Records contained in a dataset
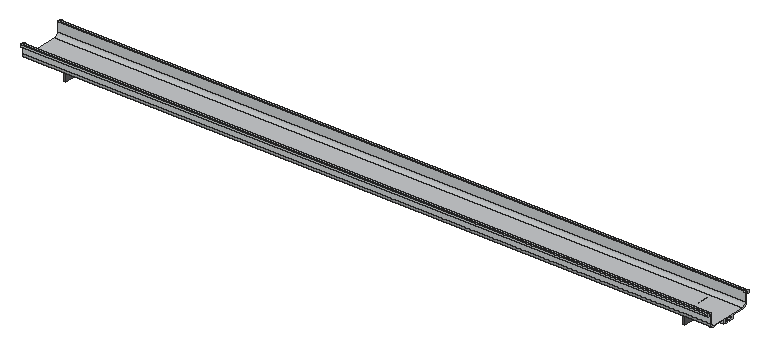
Revit family "Richelieu_Gola_Channel_Profiles_2025", category Generic Models, Revit 2025
Family settings
  Can host rebar = No
  Round Connector Dimension = Use Diameter
  Part Type = Normal
  Cut with Voids When Loaded = No
  Maintain Annotation Orientation = No
  Shared = No
  Room Calculation Point = No
Parameters (values of type "Horizontal - C - Double Grip")
  URL = "https://www.richelieu.com/us/en/category/moldings-corbels-and-components/metal-and-pvc-moldings-profiles-and-rails/gola-cabinet-profiles/1182698"
  Type VS = no
  Type VD = no
  Type HL = no
  Type HC = yes
  Stock Length = 4100 mm
  Show Right End Cap [instance] = no
  Show Mounting Clips [instance] = yes
  Show Left End Cap [instance] = no
  Show Internal 90 Joint [instance] = no
  Show External 90 Joint [instance] = no
  Show Assembly Bracket [instance] = no
  Right End Cap Open [instance] = no
  Profile Width = 26 mm
  Profile Type = "HC"
  Profile Material = Gola - Brushed Stainless Finish
  Profile Height = 72.7 mm
  Open End Cap Product = "7001045170"
  Mounting Clip Material = Gola - Black Plastic Mounting Clips
  Model Accuracy Notes = "Source overall sections: C 26x72.7; L 27x56; vertical single 48.25x36.6; double 66.5x36.6mm. Undimensioned small radii/thickness, teeth and accessory internals simplified. Stock vertical drawing 4400mm; website packaging sometimes states 4500mm."
  Model = "70010040410170"
  Manufacturer Product Number = "70010040410170"
  Manufacturer = "Richelieu Hardware"
  built-in parameter 1001306 [instance] = 1000 mm
  Left End Cap Open [instance] = no
  Internal Joint Product = "7001016I170"
  HL internal joint [instance] = and(Type HL, Show Internal 90 Joint)  # no
  HL external joint [instance] = and(Type HL, Show External 90 Joint)  # no
  HL clips [instance] = and(Type HL, Show Mounting Clips)  # no
  HL bracket linear [instance] = and(Type HL, and(Show Assembly Bracket, Bracket As Linear Join))  # no
  HL bracket bent [instance] = and(Type HL, and(Show Assembly Bracket, not(Bracket As Linear Join)))  # no
  HL Right open [instance] = and(Type HL, and(Show Right End Cap, Right End Cap Open))  # no
  HL Right closed [instance] = and(Type HL, and(Show Right End Cap, not(Right End Cap Open)))  # no
  HL Left open [instance] = and(Type HL, and(Show Left End Cap, Left End Cap Open))  # no
  HL Left closed [instance] = and(Type HL, and(Show Left End Cap, not(Left End Cap Open)))  # no
  HC internal joint [instance] = and(Type HC, Show Internal 90 Joint)  # no
  HC external joint [instance] = and(Type HC, Show External 90 Joint)  # no
  HC clips [instance] = and(Type HC, Show Mounting Clips)  # yes
  HC bracket linear [instance] = and(Type HC, and(Show Assembly Bracket, Bracket As Linear Join))  # no
  HC bracket bent [instance] = and(Type HC, and(Show Assembly Bracket, not(Bracket As Linear Join)))  # no
  HC Right open [instance] = and(Type HC, and(Show Right End Cap, Right End Cap Open))  # no
  HC Right closed [instance] = and(Type HC, and(Show Right End Cap, not(Right End Cap Open)))  # no
  HC Left open [instance] = and(Type HC, and(Show Left End Cap, Left End Cap Open))  # no
  HC Left closed [instance] = and(Type HC, and(Show Left End Cap, not(Left End Cap Open)))  # no
  Grip Configuration = "Double"
  Finish = "Brushed stainless steel appearance"
  External Joint Product = "7001016E170"
  Effective Accessory Offset [instance] = if(Accessory Offset < 25 mm, 25 mm, if(Accessory Offset > [built-in parameter 1001306] / 2 - 20 mm, [built-in parameter 1001306] / 2 - 20 mm, Accessory Offset))  # 50 mm
  Description = "Horizontal - C - Double Grip; line based length with endpoint grips"
  Default Elevation = 0 mm
  Control 3864 Start [instance] = [built-in parameter 1001306] + 25.8 mm  # 1025.8 mm
  Control 3864 End [instance] = [built-in parameter 1001306] + 27 mm  # 1027 mm
  Control 3851 Start [instance] = [built-in parameter 1001306] + 0 mm  # 1000 mm
  Control 3851 End [instance] = [built-in parameter 1001306] + 27 mm  # 1027 mm
  Control 3792 Start [instance] = [built-in parameter 1001306] - 34 mm  # 966 mm
  Control 3792 End [instance] = [built-in parameter 1001306] + 34 mm  # 1034 mm
  Control 3780 Start [instance] = [built-in parameter 1001306] - 2.4 mm  # 997.6 mm
  Control 3768 Start [instance] = [built-in parameter 1001306] - 68 mm  # 932 mm
  Control 3743 Start [instance] = [built-in parameter 1001306] - Effective Accessory Offset - 17 mm  # 933 mm
  Control 3722 End [instance] = [built-in parameter 1001306] - Effective Accessory Offset + 12.2 mm  # 962.2 mm
  Control 3709 Start [instance] = [built-in parameter 1001306] - Effective Accessory Offset  # 950 mm
  Control 3709 End [instance] = [built-in parameter 1001306] - Effective Accessory Offset + 3 mm  # 953 mm
  Control 3686 Start [instance] = Effective Accessory Offset - 17 mm  # 33 mm
  Control 3665 End [instance] = Effective Accessory Offset + 12.2 mm  # 62.2 mm
  Control 3653 End [instance] = Effective Accessory Offset + 3 mm  # 53 mm
  Control 3640 Start [instance] = [built-in parameter 1001306] - 8 mm  # 992 mm
  Control 3548 End [instance] = [built-in parameter 1001306] + 10 mm  # 1010 mm
  Control 3536 End [instance] = [built-in parameter 1001306] + 2 mm  # 1002 mm
  Closed End Cap Product = "7001046170"
  Cap Material = Gola - Brushed Stainless Finish
  Bracket Material = Gola - Galvanized Bracket
  Bracket As Linear Join [instance] = no
  Base Material = "Anodized aluminum"
  Application = "Horizontal"
  Accessory Offset [instance] = 50 mm
  Accessory Notes = "Horizontal: BP7001010 clips; 70010999 bracket. Internal joint at START, external at END. Disable end cap where corner used. Vertical: direct screw fixing; horizontal fittings suppressed."
Types (5, lengths in mm): name | Type VS | Type VD | Type HL | Type HC | Stock Length | Show Mounting Clips | Profile Width | Profile Type | Profile Height | Open End Cap Product | Model | Manufacturer Product Number | Internal Joint Product | HL clips | HC clips | Grip Configuration | External Joint Product | Description | Closed End Cap Product | Application
  (no name) | no | yes | no | no | 4400 | no | 66.5 | "VD" | 36.6 | "Not specified for vertical profiles" | "70010190440170" | "70010190440170" | "Not applicable" | no | no | "Double" | "Not applicable" | "Vertical - Double Grip; line based length with endpoint grips" | "Not specified for vertical profiles" | "Vertical"
  Horizontal - C - Double Grip | no | no | no | yes | 4100 | yes | 26 | "HC" | 72.7 | "7001045170" | "70010040410170" | "70010040410170" | "7001016I170" | no | yes | "Double" | "7001016E170" | "Horizontal - C - Double Grip; line based length with endpoint grips" | "7001046170" | "Horizontal"
  Horizontal - L - Single Grip | no | no | yes | no | 4100 | yes | 27 | "HL" | 56 | "7001013170" | "70010050410170" | "70010050410170" | "7001017I170" | yes | no | "Single" | "7001015E170" | "Horizontal - L - Single Grip; line based length with endpoint grips" | "7001044170" | "Horizontal"
  Vertical - Single Grip | yes | no | no | no | 4400 | no | 48.25 | "VS" | 36.6 | "Not specified for vertical profiles" | "70010200440170" | "70010200440170" | "Not applicable" | no | no | "Single" | "Not applicable" | "Vertical - Single Grip; line based length with endpoint grips" | "Not specified for vertical profiles" | "Vertical"
  Vertical - Double Grip | no | yes | no | no | 4400 | no | 66.5 | "VD" | 36.6 | "Not specified for vertical profiles" | "70010190440170" | "70010190440170" | "Not applicable" | no | no | "Double" | "Not applicable" | "Vertical - Double Grip; line based length with endpoint grips" | "Not specified for vertical profiles" | "Vertical"
Reference planes
  plane 1 "Center (Front/Back)": y = 0
  plane 2: z = 0
  plane 3 "Left": x = 0
  plane 4 "Right": x = 1000
Forms (mm)
  Extrusion 1, solid, material "Gola - Brushed Stainless Finish" <- "Profile Material", visible <- "Type HC"
    sketch origin (0, 0, 0) x (0, 1, 0) y (0, 0, 1)
      loop
        line (72.7, 22) -> (72.7, 24.8)
        arc (72.7, 24.8) -> (72.349, 25.648) -> (71.5, 26) r 1.2
        line (71.5, 26) -> (68.9, 26)
        arc (68.9, 26) -> (68.052, 25.648) -> (67.7, 24.8) r 1.2
        line (67.7, 24.8) -> (67.7, 11.9)
        arc (67.7, 11.9) -> (66.118, 8.082) -> (62.3, 6.5) r 5.4
        line (62.3, 6.5) -> (10.4, 6.5)
        arc (10.4, 6.5) -> (6.582, 8.082) -> (5, 11.9) r 5.4
        line (5, 11.9) -> (5, 24.8)
        arc (5, 24.8) -> (4.648, 25.648) -> (3.8, 26) r 1.2
        line (3.8, 26) -> (1.2, 26)
        arc (1.2, 26) -> (0.352, 25.648) -> (0, 24.8) r 1.2
        line (0, 24.8) -> (0, 22) -> (1.2, 22) -> (1.2, 24.8) -> (3.8, 24.8) -> (3.8, 11.9)
        arc (3.8, 11.9) -> (5.733, 7.233) -> (10.4, 5.3) r 6.6
        line (10.4, 5.3) -> (28.2, 5.3) -> (28.2, 0) -> (33.4, 0) -> (33.4, 1.2) -> (29.4, 1.2) -> (29.4, 5.3) -> (43.3, 5.3) -> (43.3, 1.2) -> (39.3, 1.2) -> (39.3, 0) -> (44.5, 0) -> (44.5, 5.3) -> (62.3, 5.3)
        arc (62.3, 5.3) -> (66.967, 7.233) -> (68.9, 11.9) r 6.6
        line (68.9, 11.9) -> (68.9, 24.8) -> (71.5, 24.8) -> (71.5, 22) -> (72.7, 22)
    from 0 to 1000 <- "built-in parameter 1001306"
  Extrusion 2, solid, material "Gola - Brushed Stainless Finish" <- "Cap Material", visible <- "HC Left closed"
    sketch origin (0, 0, 0) x (0, 1, 0) y (0, 0, 1)
      loop
        line (0, 0) -> (72.7, 0) -> (72.7, 26) -> (0, 26) -> (0, 0)
    from -2 to 0
  Extrusion 3, solid, material "Gola - Brushed Stainless Finish" <- "Cap Material", visible <- "HC Left open"
    sketch origin (0, 0, 0) x (0, 1, 0) y (0, 0, 1)
      loop
        line (72.7, 22) -> (72.7, 24.8)
        arc (72.7, 24.8) -> (72.349, 25.648) -> (71.5, 26) r 1.2
        line (71.5, 26) -> (68.9, 26)
        arc (68.9, 26) -> (68.052, 25.648) -> (67.7, 24.8) r 1.2
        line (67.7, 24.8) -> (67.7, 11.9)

• _Work to be completed_: From the records above, pull out each line that has "Product".

• _Answer box_:
  Open End Cap Product = "7001045170"
  Manufacturer Product Number = "70010040410170"
  Internal Joint Product = "7001016I170"
  External Joint Product = "7001016E170"
  Closed End Cap Product = "7001046170"
Types (5, lengths in mm): name | Type VS | Type VD | Type HL | Type HC | Stock Length | Show Mounting Clips | Profile Width | Profile Type | Profile Height | Open End Cap Product | Model | Manufacturer Product Number | Internal Joint Product | HL clips | HC clips | Grip Configuration | External Joint Product | Description | Closed End Cap Product | Application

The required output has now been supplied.